When it comes to divorce dramas, the easy way is to go big, to ramp up the emotions of such an emotionally distraught experience, and to tip into the overwrought territory of melodrama. I can already imagine the animated shouting fests and crying fests. Then there’s the impulse to go the bitterness route, like 2005’s The Squid and the Whale, where the movie takes a cue from its feuding parents and infuses the film with a dark, overpowering sense of acrimony. I credit directors Scott McGehee and David Siegel (The Deep End, Bee Season) for making arguably one of the most subdued movies about divorce I’ve ever seen. It’s certainly not flippant in the slightest, treating the subject, and mainly the toxic effect on Maisie, with sincerity and good taste. But as far as overblown shouting matches, they’re kept to a minimum and mostly comprise the first fifteen minutes of the movie, establishing the inevitable divorce of Susanna and Beale. The movie ignores the sensational and focuses on the ordinary, little moments of complete believability that serve to build, like brick by brick, the overall reality of the story. You’ll watch the film and think to yourself that, even with parents with completely outlandishly rich professions, that everything in this movie could realistically happen. Weird to think that James wrote his tale over 100 years ago and yet how relatable his conflicts still are to this day. However, because of this subdued, naturalistic approach, What Maisie Knew can’t quite find a proper ending. The one presented seems a tad too pat and tidy for this movie. It almost approaches a“happy ending,” though not quite. Still, knowing how thick-skulled both Susanna and Beale are, it’s hard to think that they will ever come to their senses and do what’s in the best interest of Maisie.
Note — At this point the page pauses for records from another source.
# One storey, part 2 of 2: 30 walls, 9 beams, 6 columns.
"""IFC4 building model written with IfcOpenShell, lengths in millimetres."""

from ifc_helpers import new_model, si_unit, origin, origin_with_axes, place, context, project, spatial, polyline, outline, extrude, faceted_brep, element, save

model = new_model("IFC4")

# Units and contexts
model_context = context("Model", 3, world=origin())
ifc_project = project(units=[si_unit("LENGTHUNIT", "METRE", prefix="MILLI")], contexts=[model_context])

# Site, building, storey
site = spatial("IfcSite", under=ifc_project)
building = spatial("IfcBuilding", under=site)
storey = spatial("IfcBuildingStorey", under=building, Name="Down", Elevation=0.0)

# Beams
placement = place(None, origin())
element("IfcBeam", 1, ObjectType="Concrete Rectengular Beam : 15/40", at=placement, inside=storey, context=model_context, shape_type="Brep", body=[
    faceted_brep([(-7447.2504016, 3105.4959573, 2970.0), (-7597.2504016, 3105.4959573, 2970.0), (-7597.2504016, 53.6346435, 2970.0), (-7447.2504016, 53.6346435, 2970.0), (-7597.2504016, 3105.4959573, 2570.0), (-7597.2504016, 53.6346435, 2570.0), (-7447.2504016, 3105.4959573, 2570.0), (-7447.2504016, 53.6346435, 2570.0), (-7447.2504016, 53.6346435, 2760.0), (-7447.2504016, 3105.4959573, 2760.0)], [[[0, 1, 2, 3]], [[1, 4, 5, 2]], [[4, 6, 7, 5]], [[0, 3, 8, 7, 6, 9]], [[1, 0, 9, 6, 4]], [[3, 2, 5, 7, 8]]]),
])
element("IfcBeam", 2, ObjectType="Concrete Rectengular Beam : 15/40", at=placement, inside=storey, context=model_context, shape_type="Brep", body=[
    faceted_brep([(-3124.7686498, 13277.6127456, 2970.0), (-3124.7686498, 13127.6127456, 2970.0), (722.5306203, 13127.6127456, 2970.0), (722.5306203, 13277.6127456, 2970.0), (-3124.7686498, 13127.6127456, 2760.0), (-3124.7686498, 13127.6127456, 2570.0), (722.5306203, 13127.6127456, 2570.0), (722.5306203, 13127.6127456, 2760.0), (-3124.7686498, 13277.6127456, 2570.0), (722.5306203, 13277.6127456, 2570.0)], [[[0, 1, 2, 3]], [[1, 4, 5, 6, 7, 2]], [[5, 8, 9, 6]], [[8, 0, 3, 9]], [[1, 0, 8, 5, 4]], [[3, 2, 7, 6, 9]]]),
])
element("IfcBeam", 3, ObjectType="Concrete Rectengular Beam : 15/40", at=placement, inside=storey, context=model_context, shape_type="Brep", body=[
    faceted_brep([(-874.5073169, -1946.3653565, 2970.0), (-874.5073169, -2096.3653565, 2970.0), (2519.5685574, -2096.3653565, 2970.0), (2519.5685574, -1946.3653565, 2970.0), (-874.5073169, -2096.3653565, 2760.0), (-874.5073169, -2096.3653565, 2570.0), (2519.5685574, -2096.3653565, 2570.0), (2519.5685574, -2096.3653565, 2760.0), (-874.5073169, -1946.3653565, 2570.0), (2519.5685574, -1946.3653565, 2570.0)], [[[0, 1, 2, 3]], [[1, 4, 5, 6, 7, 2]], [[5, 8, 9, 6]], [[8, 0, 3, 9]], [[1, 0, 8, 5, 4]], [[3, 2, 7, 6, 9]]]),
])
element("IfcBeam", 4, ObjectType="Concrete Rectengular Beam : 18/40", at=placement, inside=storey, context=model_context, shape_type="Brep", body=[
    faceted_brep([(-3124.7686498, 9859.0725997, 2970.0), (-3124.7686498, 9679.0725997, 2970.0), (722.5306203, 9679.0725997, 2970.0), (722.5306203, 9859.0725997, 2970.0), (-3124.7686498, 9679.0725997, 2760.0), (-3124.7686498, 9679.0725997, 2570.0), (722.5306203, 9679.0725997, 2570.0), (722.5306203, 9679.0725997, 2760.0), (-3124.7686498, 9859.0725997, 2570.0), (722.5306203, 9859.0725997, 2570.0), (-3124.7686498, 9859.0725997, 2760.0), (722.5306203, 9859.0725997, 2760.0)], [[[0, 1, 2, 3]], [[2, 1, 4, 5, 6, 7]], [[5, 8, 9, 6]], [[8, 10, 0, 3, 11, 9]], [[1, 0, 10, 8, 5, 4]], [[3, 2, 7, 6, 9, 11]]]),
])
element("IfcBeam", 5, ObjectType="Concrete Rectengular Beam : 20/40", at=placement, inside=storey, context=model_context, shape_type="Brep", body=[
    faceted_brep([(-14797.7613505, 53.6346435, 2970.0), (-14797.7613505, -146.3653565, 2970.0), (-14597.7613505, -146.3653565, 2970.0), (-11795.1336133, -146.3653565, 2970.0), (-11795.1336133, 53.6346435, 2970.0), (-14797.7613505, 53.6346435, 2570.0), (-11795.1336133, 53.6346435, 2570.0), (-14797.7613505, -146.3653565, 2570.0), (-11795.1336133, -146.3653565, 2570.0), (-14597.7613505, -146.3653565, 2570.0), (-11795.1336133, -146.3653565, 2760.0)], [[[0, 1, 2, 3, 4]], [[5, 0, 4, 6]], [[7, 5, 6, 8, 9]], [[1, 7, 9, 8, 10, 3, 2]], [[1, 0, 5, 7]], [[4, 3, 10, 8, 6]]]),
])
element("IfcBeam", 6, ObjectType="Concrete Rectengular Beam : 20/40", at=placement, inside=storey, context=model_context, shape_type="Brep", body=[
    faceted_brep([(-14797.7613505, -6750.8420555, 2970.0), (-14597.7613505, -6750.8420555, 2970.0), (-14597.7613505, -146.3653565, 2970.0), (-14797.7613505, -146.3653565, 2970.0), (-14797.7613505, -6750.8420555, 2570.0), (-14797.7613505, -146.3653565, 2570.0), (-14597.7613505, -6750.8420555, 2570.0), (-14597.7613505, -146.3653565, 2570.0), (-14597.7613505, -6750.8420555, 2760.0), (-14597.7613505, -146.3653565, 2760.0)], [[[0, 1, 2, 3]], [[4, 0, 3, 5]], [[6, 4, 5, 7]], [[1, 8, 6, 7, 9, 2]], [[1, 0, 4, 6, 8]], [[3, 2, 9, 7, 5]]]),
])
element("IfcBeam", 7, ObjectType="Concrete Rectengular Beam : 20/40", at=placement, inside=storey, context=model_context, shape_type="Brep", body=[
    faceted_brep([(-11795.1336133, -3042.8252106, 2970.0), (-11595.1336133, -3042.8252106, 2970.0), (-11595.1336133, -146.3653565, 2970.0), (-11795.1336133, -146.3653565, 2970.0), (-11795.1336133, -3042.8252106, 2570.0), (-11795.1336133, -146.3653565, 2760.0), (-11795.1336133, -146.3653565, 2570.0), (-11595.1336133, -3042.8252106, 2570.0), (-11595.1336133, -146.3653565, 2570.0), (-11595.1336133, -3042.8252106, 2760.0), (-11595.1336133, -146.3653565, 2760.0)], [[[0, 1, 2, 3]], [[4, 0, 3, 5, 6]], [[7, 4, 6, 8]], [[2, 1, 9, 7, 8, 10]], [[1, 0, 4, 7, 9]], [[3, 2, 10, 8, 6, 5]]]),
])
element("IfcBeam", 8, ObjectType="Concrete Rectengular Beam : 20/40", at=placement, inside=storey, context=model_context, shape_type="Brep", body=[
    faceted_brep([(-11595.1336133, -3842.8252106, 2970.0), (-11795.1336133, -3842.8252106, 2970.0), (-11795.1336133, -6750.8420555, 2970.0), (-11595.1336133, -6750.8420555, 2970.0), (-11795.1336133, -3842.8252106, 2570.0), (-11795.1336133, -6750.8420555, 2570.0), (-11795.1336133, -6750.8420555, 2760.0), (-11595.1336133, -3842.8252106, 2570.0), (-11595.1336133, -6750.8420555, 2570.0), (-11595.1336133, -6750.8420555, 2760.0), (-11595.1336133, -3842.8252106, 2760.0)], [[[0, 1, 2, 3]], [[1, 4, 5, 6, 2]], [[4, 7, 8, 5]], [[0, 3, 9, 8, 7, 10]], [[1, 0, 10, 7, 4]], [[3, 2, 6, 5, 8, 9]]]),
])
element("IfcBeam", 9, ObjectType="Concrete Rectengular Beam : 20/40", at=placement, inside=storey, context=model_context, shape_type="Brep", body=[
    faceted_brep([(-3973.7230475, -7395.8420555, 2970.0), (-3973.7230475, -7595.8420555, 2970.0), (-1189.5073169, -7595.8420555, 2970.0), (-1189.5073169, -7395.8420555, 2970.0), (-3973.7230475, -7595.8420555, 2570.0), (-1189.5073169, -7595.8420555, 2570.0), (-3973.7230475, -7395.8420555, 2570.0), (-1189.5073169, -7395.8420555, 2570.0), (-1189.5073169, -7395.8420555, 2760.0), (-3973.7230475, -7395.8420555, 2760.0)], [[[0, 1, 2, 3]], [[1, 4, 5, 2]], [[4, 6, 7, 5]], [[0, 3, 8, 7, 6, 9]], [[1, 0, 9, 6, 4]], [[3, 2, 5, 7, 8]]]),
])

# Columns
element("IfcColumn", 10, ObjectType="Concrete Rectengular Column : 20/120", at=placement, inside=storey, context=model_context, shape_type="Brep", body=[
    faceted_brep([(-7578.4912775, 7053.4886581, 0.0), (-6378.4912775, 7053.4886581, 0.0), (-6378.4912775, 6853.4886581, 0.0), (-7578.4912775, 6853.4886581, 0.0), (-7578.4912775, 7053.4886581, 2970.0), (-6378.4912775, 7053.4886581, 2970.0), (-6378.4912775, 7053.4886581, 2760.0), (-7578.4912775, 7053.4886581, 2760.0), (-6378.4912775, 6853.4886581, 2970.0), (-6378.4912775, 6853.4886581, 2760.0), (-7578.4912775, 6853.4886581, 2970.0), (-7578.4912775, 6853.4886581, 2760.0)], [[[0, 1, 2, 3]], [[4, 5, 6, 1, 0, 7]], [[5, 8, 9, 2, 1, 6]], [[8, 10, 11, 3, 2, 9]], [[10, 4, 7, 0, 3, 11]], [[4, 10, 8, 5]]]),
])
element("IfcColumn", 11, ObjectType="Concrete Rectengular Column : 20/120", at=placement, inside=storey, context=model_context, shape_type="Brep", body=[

This can be an uncomfortable movie to watch because Maisie’s mom and dad are so destructively neglectful and self-involved. There’s a perverse rubbernecking draw to seeing the antics of truly awful parenting. You’ll find yourself getting very mad at how terrible these people are at being human beings. Susanna and Beale interrogate their daughter for ammo they can use against the other, twisting and manipulating the kid that we wonder if either truly cares about. Dad’s always full of excuses and mom’s looking to flee from responsibility at a moment’s notice, dumping her daughter on her latest boyfriend. You’ll find yourself easily sympathizing with Lincoln and Margo, the two people who love Maisie most and would make the best parents for her. I began rooting that they just abduct Maisie and start a new life as a family in a different country. The unchecked narcissism of both Susanna and Beale could serve as a clinical study. It’s a wonder that Maisie seems like a bright, playful, and relatively normal kid. For now.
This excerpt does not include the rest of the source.